The second prong to Energica’s plan is the Fast Charge Infrastructure Program, in which the company is doubling down on fast charge stations, “targeting the best roads motorcyclists love to ride through.”

In partnership with several companies (Utilities, Hardware provider, charging services) Energica will either co-finance the installations of dedicated chargers (DC technology 20kw, Combo CCS standard plugs) or the access to existing ones. This will allow Energica customers to enjoy the best roads without any range anxiety. Automotive industry and governments are investing on the main corridors but Motorcyclists like riding mountains/hills/sea roads often located far away from them. Energica will fill the gap to guarantee EV motorcycle rides.”

The release continues:

A detail plan on routes is in process according to Energica dealership network and a first round of installations has been identified in some locations in Italy and in California to be deployed by 2017 season.

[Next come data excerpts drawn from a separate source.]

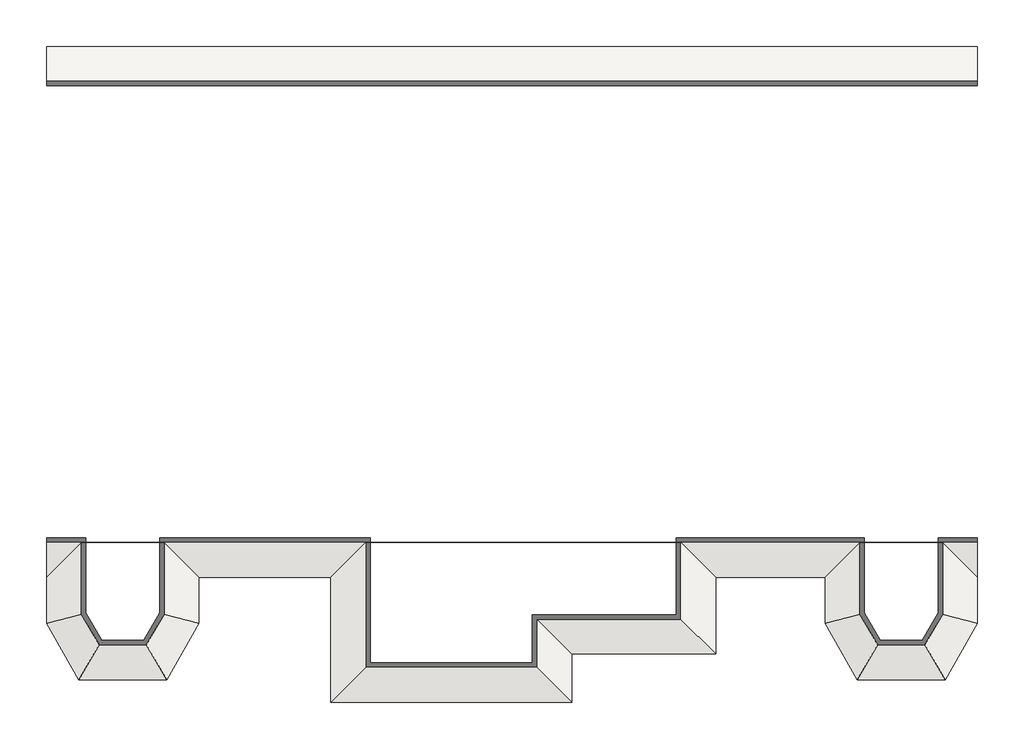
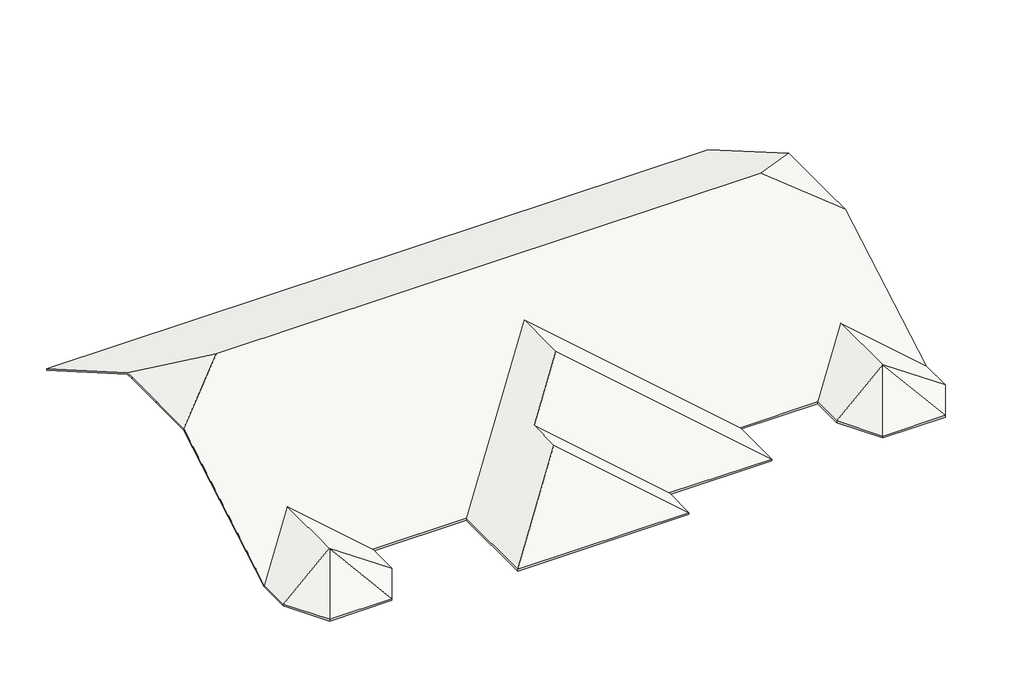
# One storey: 1 roof.
"""IFC4 building model written with IfcOpenShell, lengths in millimetres."""

from ifc_helpers import new_model, si_unit, origin, place, context, project, spatial, faceted_brep, element, save

model = new_model("IFC4")

# Units and contexts
model_context = context("Model", 3, world=origin())
ifc_project = project(units=[si_unit("LENGTHUNIT", "METRE", prefix="MILLI")], contexts=[model_context])

# Site, building, storey
site = spatial("IfcSite", under=ifc_project)
building = spatial("IfcBuilding", under=site)
storey = spatial("IfcBuildingStorey", under=building, Name="樓層 3", Elevation=6500.0)

# Roof
placement = place(None, origin())
element("IfcRoof", 1, ObjectType="一般 - 12cm", at=placement, inside=storey, context=model_context, shape_type="Brep", body=[
    faceted_brep([(-19625.7078943, 5752.3440967, 12500.0), (-19625.7078943, 6285.0392513, 12500.0), (-15122.3047315, 2677.3440967, 14582.9037687), (-19625.7078943, -930.3510579, 12500.0), (-19625.7078943, 2602.3440967, 12500.0), (-19625.7078943, -13761.6124004, 6500.0), (-15606.747554, -12684.7352228, 8820.3478343), (-15606.747554, -12722.6559033, 8809.4010768), (-17916.1486308, -16722.6559033, 6500.0), (21417.411085, -13761.6124004, 6500.0), (25436.3714252, -12684.7352228, 8820.3478343), (25436.3714252, -12722.6559033, 8809.4010768), (23126.9703485, -16722.6559033, 6500.0), (27745.772502, -16722.6559033, 6500.0), (29455.3317655, -13761.6124004, 6500.0), (-19625.7078943, -11322.6559033, 6500.0), (25289.5242282, 2677.3440967, 14582.9037687), (29455.3317655, -930.3510579, 12500.0), (29455.3317655, -11322.6559033, 6500.0), (25436.3714252, -7303.695563, 8820.3478343), (21417.411085, -11322.6559033, 6500.0), (15655.3317655, -11322.6559033, 6500.0), (5505.3317655, -1172.6559033, 12360.1052323), (-4644.6682345, -11322.6559033, 6500.0), (-11587.7872138, -11322.6559033, 6500.0), (-15606.747554, -7303.695563, 8820.3478343), (-19625.7078943, 16677.3440967, 6500.0), (29455.3317655, 16677.3440967, 6500.0), (29455.3317655, 6285.0392513, 12500.0), (-13297.3464773, -16722.6559033, 6500.0), (-11587.7872138, -13761.6124004, 6500.0), (5505.3317655, -5223.2655687, 12360.1052323), (1705.3317655, -9023.2655687, 10166.1742094), (1705.3317655, -11572.6559033, 10166.1742094), (-4644.6682345, -17922.6559033, 6500.0), (29455.3317655, 1102.3440967, 12500.0), (29455.3317655, 4252.3440967, 12500.0), (8055.3317655, -17922.6559033, 6500.0), (8055.3317655, -15373.2655687, 6500.0), (15655.3317655, -15373.2655687, 6500.0), (-19625.7078943, 5752.3440967, 12632.2137892), (-19625.7078943, 2602.3440967, 12632.2137892), (-19625.7078943, -941.3500575, 12632.2137892), (-15108.5749324, 2677.3440967, 14721.4678333), (-19625.7078943, 6296.038251, 12632.2137892), (-19625.7078943, -13761.6124004, 6638.5640646), (-17916.1486308, -16722.6559033, 6638.5640646), (-15606.747554, -12722.6559033, 8947.9651414), (-15606.747554, -12684.7352228, 8958.9118989), (21417.411085, -13761.6124004, 6638.5640646), (23126.9703485, -16722.6559033, 6638.5640646), (25436.3714252, -12722.6559033, 8947.9651414), (25436.3714252, -12684.7352228, 8958.9118989), (27745.772502, -16722.6559033, 6638.5640646), (29455.3317655, -13761.6124004, 6638.5640646), (-19625.7078943, -11322.6559033, 6638.5640646), (-15606.747554, -7303.695563, 8958.9118989), (-11587.7872138, -11322.6559033, 6638.5640646), (-4644.6682345, -11322.6559033, 6638.5640646), (5505.3317655, -1172.6559033, 12498.6692969), (15655.3317655, -11322.6559033, 6638.5640646), (21417.411085, -11322.6559033, 6638.5640646), (25436.3714252, -7303.695563, 8958.9118989), (29455.3317655, -11322.6559033, 6638.5640646), (29455.3317655, -937.9720571, 12634.1640787), (25280.7242563, 2677.3440967, 14721.4678333), (-19625.7078943, 16677.3440967, 6638.5640646), (29455.3317655, 6292.6602505, 12634.1640787), (29455.3317655, 16677.3440967, 6638.5640646), (-13297.3464773, -16722.6559033, 6638.5640646), (-11587.7872138, -13761.6124004, 6638.5640646), (-4644.6682345, -17922.6559033, 6638.5640646), (1705.3317655, -11572.6559033, 10304.738274), (1705.3317655, -9023.2655687, 10304.738274), (5505.3317655, -5223.2655687, 12498.6692969), (29455.3317655, 1102.3440967, 12634.1640787), (29455.3317655, 4252.3440967, 12634.1640787), (8055.3317655, -17922.6559033, 6638.5640646), (8055.3317655, -15373.2655687, 6638.5640646), (15655.3317655, -15373.2655687, 6638.5640646)], [[[0, 1, 2, 3, 4]], [[5, 6, 7, 8]], [[9, 10, 11, 12]], [[13, 11, 10, 14]], [[15, 3, 2, 16, 17, 18, 19, 20, 21, 22, 23, 24, 25]], [[26, 27, 28, 16, 2, 1]], [[29, 7, 6, 30]], [[8, 7, 29]], [[15, 25, 6, 5]], [[23, 22, 31, 32, 33, 34]], [[30, 6, 25, 24]], [[35, 17, 16, 28, 36]], [[37, 33, 32, 38]], [[34, 33, 37]], [[38, 32, 31, 39]], [[39, 31, 22, 21]], [[12, 11, 13]], [[20, 19, 10, 9]], [[14, 10, 19, 18]], [[40, 41, 42, 43, 44]], [[45, 46, 47, 48]], [[49, 50, 51, 52]], [[53, 54, 52, 51]], [[55, 56, 57, 58, 59, 60, 61, 62, 63, 64, 65, 43, 42]], [[66, 44, 43, 65, 67, 68]], [[69, 70, 48, 47]], [[46, 69, 47]], [[55, 45, 48, 56]], [[58, 71, 72, 73, 74, 59]], [[70, 57, 56, 48]], [[75, 76, 67, 65, 64]], [[77, 78, 73, 72]], [[71, 77, 72]], [[78, 79, 74, 73]], [[79, 60, 59, 74]], [[50, 53, 51]], [[61, 49, 52, 62]], [[54, 63, 62, 52]], [[5, 45, 55, 15]], [[8, 46, 45, 5]], [[29, 69, 46, 8]], [[30, 70, 69, 29]], [[24, 57, 70, 30]], [[23, 58, 57, 24]], [[34, 71, 58, 23]], [[37, 77, 71, 34]], [[38, 78, 77, 37]], [[39, 79, 78, 38]], [[21, 60, 79, 39]], [[20, 61, 60, 21]], [[9, 49, 61, 20]], [[12, 50, 49, 9]], [[13, 53, 50, 12]], [[14, 54, 53, 13]], [[18, 63, 54, 14]], [[26, 66, 68, 27]], [[40, 44, 66, 26, 1, 0]], [[75, 64, 63, 18, 17, 35]], [[41, 40, 0, 4]], [[55, 42, 41, 4, 3, 15]], [[68, 67, 76, 36, 28, 27]], [[76, 75, 35, 36]]]),
])

save(model, "model.ifc")

In the areas where charging network are already available Energica facilitates customer to use them. In The Netherlands Energica has the option to use fast charge network thanks to an agreement with Fastned Company that provides 4 years fast charge through the growing  network with 20-30 minutes average charging time.”

Energica intends to develop a 3 year plan according to EV sales growth and market regions in partnership with EV infrastructures players.

The fast-charge installation plan foresees multiyear investments up to 1mln €, according to market areas and needs, starting from 100.000€ for Italian region and California, to be deployed by spring 2017.”